#### Given information:
++++++++++

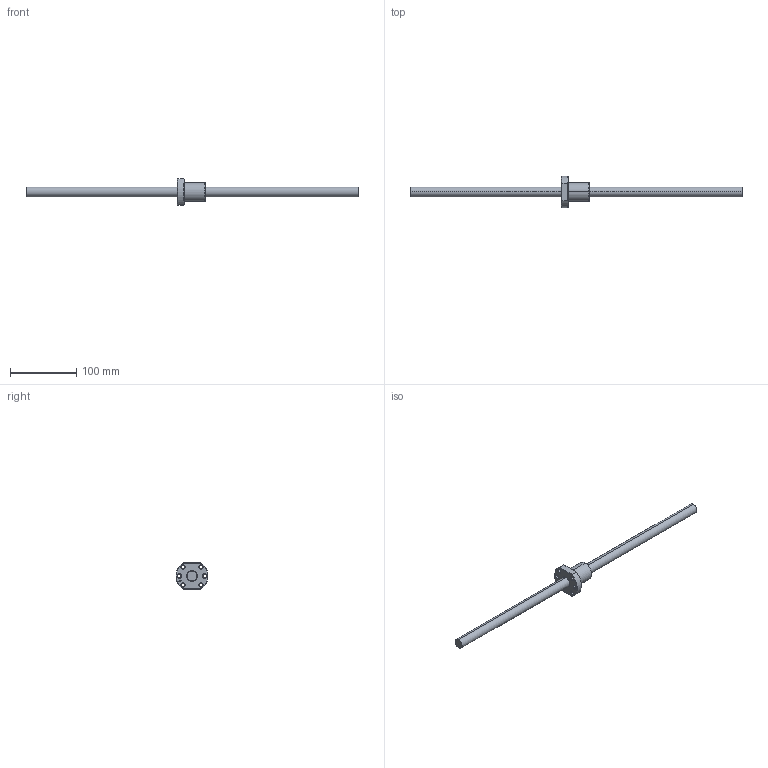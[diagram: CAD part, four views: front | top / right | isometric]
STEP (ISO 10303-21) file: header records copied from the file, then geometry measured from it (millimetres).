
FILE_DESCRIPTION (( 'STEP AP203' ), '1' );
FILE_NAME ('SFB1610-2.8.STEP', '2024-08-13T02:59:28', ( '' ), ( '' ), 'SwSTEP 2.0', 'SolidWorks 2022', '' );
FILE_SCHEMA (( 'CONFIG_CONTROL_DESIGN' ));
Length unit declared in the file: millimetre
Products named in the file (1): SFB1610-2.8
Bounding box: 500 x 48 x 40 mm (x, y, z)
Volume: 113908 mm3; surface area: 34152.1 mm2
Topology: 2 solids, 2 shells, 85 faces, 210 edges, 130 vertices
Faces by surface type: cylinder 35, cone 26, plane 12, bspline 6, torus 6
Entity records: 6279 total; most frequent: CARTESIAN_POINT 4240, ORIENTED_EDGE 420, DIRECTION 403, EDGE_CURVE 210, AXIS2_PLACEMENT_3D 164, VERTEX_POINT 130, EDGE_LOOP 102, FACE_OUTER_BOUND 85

++++++++++

#### Brief:
The response should consist only of the lines running from the one that contains "STEP (ISO 10303-21)" through the end of the material, repeated exactly.

#### Result of this exercise:
STEP (ISO 10303-21) file: header records copied from the file, then geometry measured from it (millimetres).
FILE_DESCRIPTION (( 'STEP AP203' ), '1' );
FILE_NAME ('SFB1610-2.8.STEP', '2024-08-13T02:59:28', ( '' ), ( '' ), 'SwSTEP 2.0', 'SolidWorks 2022', '' );
FILE_SCHEMA (( 'CONFIG_CONTROL_DESIGN' ));
Length unit declared in the file: millimetre
Products named in the file (1): SFB1610-2.8
Bounding box: 500 x 48 x 40 mm (x, y, z)
Volume: 113908 mm3; surface area: 34152.1 mm2
Topology: 2 solids, 2 shells, 85 faces, 210 edges, 130 vertices
Faces by surface type: cylinder 35, cone 26, plane 12, bspline 6, torus 6
Entity records: 6279 total; most frequent: CARTESIAN_POINT 4240, ORIENTED_EDGE 420, DIRECTION 403, EDGE_CURVE 210, AXIS2_PLACEMENT_3D 164, VERTEX_POINT 130, EDGE_LOOP 102, FACE_OUTER_BOUND 85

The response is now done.